**WHAT THE TASK ASKS**
Would you count the lines in the material below that include the string "Report"? Only the number is needed.

**SUPPLIED MATERIAL**
========================
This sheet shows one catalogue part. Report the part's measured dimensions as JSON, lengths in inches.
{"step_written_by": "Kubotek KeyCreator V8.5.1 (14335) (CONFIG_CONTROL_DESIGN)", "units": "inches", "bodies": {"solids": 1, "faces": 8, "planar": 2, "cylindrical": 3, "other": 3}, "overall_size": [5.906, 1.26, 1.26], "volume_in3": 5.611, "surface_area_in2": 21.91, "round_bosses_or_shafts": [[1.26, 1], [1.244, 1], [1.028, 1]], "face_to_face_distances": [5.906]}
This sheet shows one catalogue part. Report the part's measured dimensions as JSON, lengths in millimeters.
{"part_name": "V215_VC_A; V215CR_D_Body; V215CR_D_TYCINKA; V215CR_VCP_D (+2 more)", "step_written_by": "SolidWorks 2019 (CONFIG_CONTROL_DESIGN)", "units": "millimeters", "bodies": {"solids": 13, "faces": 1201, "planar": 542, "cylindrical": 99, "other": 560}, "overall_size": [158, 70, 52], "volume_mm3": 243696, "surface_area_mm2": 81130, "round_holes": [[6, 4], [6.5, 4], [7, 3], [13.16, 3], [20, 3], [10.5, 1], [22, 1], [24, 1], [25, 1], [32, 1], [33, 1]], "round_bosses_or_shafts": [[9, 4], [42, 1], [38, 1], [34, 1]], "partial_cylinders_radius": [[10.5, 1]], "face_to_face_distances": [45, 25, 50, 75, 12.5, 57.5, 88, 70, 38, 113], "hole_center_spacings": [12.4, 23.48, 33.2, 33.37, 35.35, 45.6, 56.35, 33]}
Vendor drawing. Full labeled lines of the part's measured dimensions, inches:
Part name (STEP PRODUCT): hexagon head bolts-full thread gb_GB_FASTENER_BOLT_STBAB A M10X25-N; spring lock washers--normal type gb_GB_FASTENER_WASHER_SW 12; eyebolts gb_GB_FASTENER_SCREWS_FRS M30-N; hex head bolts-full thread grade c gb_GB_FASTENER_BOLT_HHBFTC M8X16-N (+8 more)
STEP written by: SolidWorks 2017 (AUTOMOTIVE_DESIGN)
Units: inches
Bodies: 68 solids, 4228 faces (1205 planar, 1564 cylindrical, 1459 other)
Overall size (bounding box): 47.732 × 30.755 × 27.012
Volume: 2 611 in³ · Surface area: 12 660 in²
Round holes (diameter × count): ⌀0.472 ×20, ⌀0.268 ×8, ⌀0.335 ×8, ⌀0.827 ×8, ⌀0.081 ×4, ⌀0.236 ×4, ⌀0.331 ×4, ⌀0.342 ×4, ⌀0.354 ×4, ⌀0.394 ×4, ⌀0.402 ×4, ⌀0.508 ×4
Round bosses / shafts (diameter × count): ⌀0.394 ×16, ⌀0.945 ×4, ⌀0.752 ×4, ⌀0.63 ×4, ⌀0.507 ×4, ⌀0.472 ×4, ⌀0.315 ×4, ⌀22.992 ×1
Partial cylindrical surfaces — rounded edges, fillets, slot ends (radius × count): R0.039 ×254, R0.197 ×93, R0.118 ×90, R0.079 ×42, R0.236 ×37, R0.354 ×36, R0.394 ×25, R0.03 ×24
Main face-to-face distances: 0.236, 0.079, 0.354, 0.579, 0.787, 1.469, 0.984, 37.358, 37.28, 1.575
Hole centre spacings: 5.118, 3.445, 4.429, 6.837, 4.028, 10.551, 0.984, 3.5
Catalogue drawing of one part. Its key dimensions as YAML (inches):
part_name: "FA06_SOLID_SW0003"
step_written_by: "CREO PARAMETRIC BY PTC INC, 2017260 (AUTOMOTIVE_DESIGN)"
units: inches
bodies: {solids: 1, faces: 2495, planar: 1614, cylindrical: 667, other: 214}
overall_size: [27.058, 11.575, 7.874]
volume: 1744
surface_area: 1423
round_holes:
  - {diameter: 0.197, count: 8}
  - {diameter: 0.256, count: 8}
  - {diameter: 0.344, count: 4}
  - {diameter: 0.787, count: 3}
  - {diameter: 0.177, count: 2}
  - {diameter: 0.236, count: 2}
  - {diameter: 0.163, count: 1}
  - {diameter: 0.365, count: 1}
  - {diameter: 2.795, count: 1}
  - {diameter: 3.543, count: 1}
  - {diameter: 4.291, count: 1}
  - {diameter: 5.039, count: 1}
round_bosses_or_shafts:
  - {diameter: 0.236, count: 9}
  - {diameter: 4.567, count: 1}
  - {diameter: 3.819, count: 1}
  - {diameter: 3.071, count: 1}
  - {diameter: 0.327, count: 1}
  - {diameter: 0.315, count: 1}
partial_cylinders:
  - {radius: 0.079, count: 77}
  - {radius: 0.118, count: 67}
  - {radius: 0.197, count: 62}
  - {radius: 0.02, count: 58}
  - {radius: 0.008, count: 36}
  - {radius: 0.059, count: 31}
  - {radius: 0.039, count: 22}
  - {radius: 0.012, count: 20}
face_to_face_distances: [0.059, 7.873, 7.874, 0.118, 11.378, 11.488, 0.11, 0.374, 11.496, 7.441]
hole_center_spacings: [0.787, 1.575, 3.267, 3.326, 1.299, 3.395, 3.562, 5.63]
========================
**ANSWER TO THE PROBLEM**
2